Adam Johnson Takes Home Story Prize

At a ceremony Wednesday night in New York City, Adam Johnson was named the  winner of the 2016 Story Prize for his collection Fortune Smiles (Random House). The $20,000 award is given annually for a short story collection published during the previous year.

The two runners-up for the prize were Charles Baxter for There’s Something I Want You to Do (Pantheon) and Colum McCann for Thirteen Ways of Looking (Random House). Each finalist received $5,000. The Story Prize Spotlight Award—an additional prize of $1,000, given for a collection of exceptional merit—went to Adrian Tomine for his collection of graphic short stories, Killing and Dying (Drawn & Quarterly). During Wednesday night’s event, all three finalists read from and discussed their work on stage with prize director Larry Dark.

Last November Fortune Smiles took home the National Book Award, which makes Johnson the first author to win the Story Prize and the National Book Award for the same title. He is also now the first author to have won the Story Prize, the National Book Award, and the Pulitzer Prize, which he received in 2013 for his novel The Orphan Master’s Son. Johnson is also the author of the story collection Emporium and the novel Parasites Like Us. He has received a Guggenheim Fellowship, a Whiting Award, a National Endowment for the Arts Fellowship, and a California Book Award, among other accolades. He lives in San Francisco and teaches creative writing at Stanford University.
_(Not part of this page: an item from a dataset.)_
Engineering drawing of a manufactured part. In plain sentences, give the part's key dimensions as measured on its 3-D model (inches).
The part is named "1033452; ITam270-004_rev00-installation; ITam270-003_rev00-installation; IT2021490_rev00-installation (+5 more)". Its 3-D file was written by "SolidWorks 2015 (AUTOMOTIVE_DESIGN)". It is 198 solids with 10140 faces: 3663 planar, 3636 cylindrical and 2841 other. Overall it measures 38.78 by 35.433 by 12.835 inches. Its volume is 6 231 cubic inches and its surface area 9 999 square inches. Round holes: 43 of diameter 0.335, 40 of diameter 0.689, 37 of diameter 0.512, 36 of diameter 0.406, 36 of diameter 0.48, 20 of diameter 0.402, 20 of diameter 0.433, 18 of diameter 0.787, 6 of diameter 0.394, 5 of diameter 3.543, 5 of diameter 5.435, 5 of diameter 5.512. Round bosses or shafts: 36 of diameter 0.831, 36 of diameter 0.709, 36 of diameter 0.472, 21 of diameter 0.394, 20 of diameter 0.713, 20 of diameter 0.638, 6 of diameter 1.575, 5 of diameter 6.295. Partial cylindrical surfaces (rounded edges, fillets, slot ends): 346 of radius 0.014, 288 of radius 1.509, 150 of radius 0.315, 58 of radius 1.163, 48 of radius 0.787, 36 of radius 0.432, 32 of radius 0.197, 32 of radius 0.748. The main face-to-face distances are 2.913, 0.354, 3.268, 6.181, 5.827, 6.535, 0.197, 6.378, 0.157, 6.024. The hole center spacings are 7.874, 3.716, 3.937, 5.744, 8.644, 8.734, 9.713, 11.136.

Dark and Story Prize founder Julie Lindsey selected the three finalists from among a hundred books submitted in 2015, from sixty-four different publishers. A panel of three judges selected the winner: author and previous Story Prize–winner Anthony Doerr; Rita Meade, a librarian at the Brooklyn Public Library; and New Yorker staff writer Kathryn Schulz.

Fortune Smiles is an electrically imaginative story collection that’s wrestling very hard with the world we’re living in right now,” the judges said. “Johnson writes like Rembrandt painted, richly and specifically, with an inclination toward self-portrait and a gift for making it seem like a whole world carries on not only within but beyond each of these small canvasses.”

Established in 2004 to honor collections of short fiction and to attract more attention to the form, the Story Prize boasts the largest first-prize amount of any fiction award in the United States. Previous winners include Elizabeth McCracken, George Saunders, Claire Vaye Watkins, and Steven Millhauser.